We wait for the day when that friend has turned toward other things. No longer weighed down with the leaden coat of grief, and back to everyday anxieties: what to make for dinner, or what to do about jury duty.

  I’m certainly not that person yet. After some good days, some good weeks really, I see a surprising feature on my skin as I step out of the shower. A constellation of pink and crimson welts. The band stretches from the middle of my chest, beneath the right nipple, around to the center of my backbone. It looks as if someone has taken a cigarette and burned me with it, strategically, to punish my nerve endings. The band is remarkably ugly, and I can’t tell what’s worse, the growing pain of the sores, or the way the sores make me feel about my body. There’s been no warning for this, no headache or fever, no tingling or burning. It looks as if a war has played out on my skin. The inside of me rising against the outside. The sores weep. I thought I was doing so well, and now I see what I really am underneath it all: lost dog, wild and yowling, walking farther and farther into the woods.

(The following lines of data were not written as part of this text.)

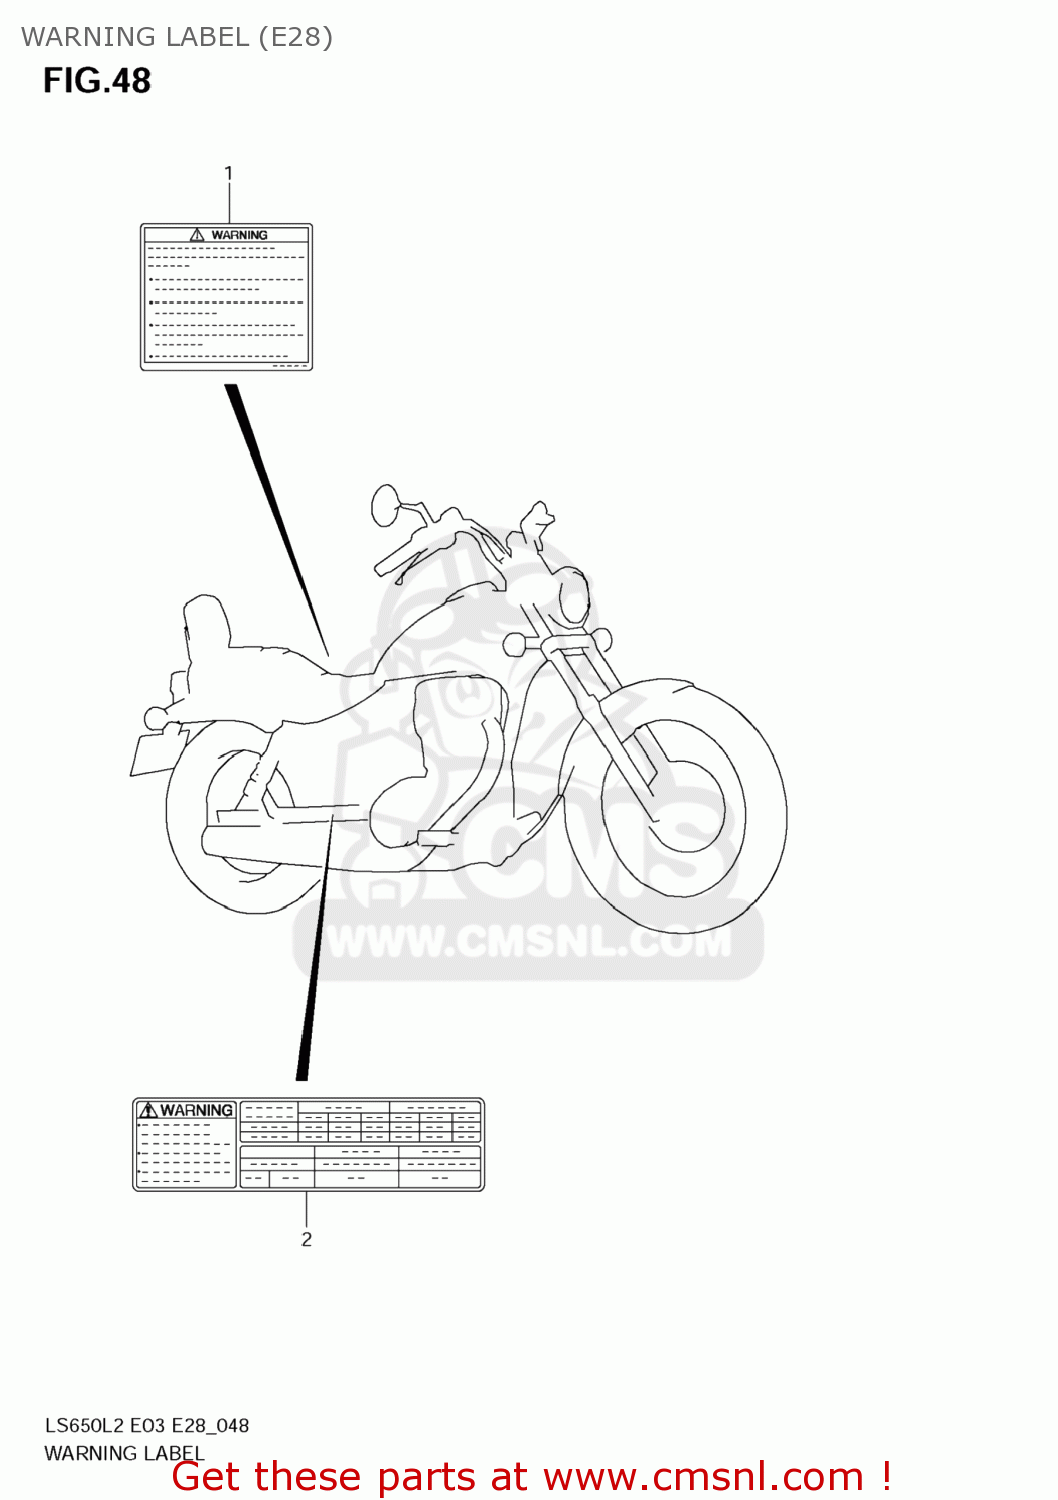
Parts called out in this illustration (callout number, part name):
1	LABEL,GENERAL WARNING
2	LABEL,TIRE INFORMATION
3	MANUAL,OWNER'S
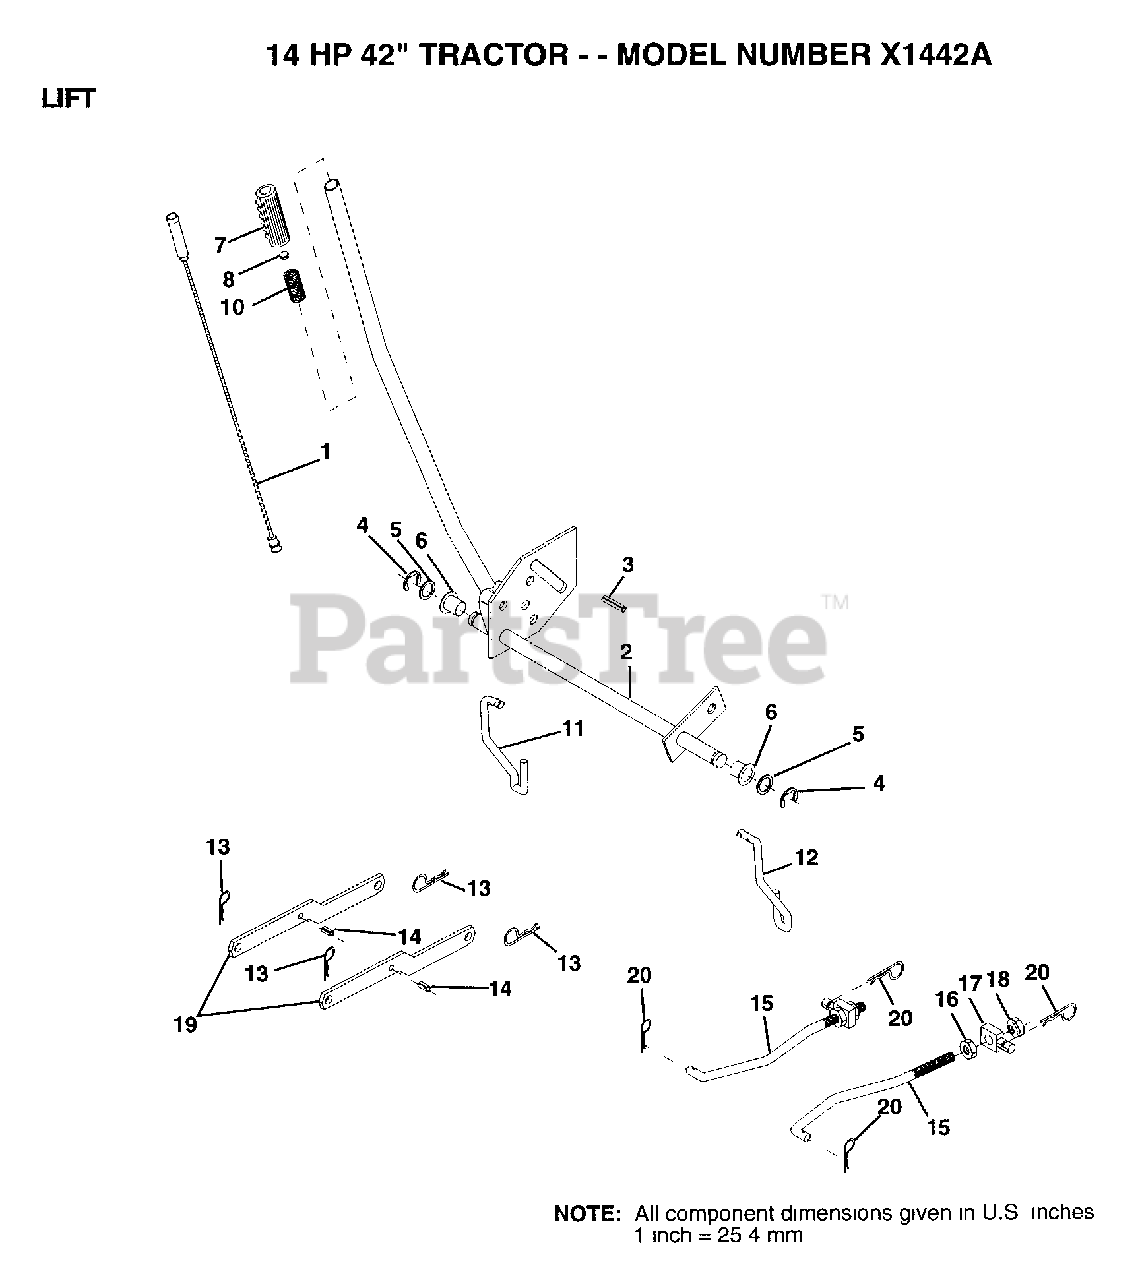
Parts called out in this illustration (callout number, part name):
1	WIRE ASM
3	PIN-GROOVE LT
5	WASHER
6	NYLON BEARING
7	GRIP
11	LINK LIFT LH
12	LIFT LINK RH
14	"PIN,SPRING"
15	LINK.FRONT
16	NUT
17	TRUNION
18	NUT.LK.W/WSH.1/2.
20	RETAINER.SPRING

  “Look,” I say to M an hour later. We’re standing in the living room. At Roger and Jill’s next door, someone is working a power saw. A mist of ripped wood is clouding the view beyond the fence. The sky looks like rain. I pull up my shirt to show him my torso.

  “Ouch,” he says, wincing. “Sweetheart. Ouch.” He reaches out with his hand to touch—I know he wants to make it better—before he pulls back. “I’m sorry. What is it?”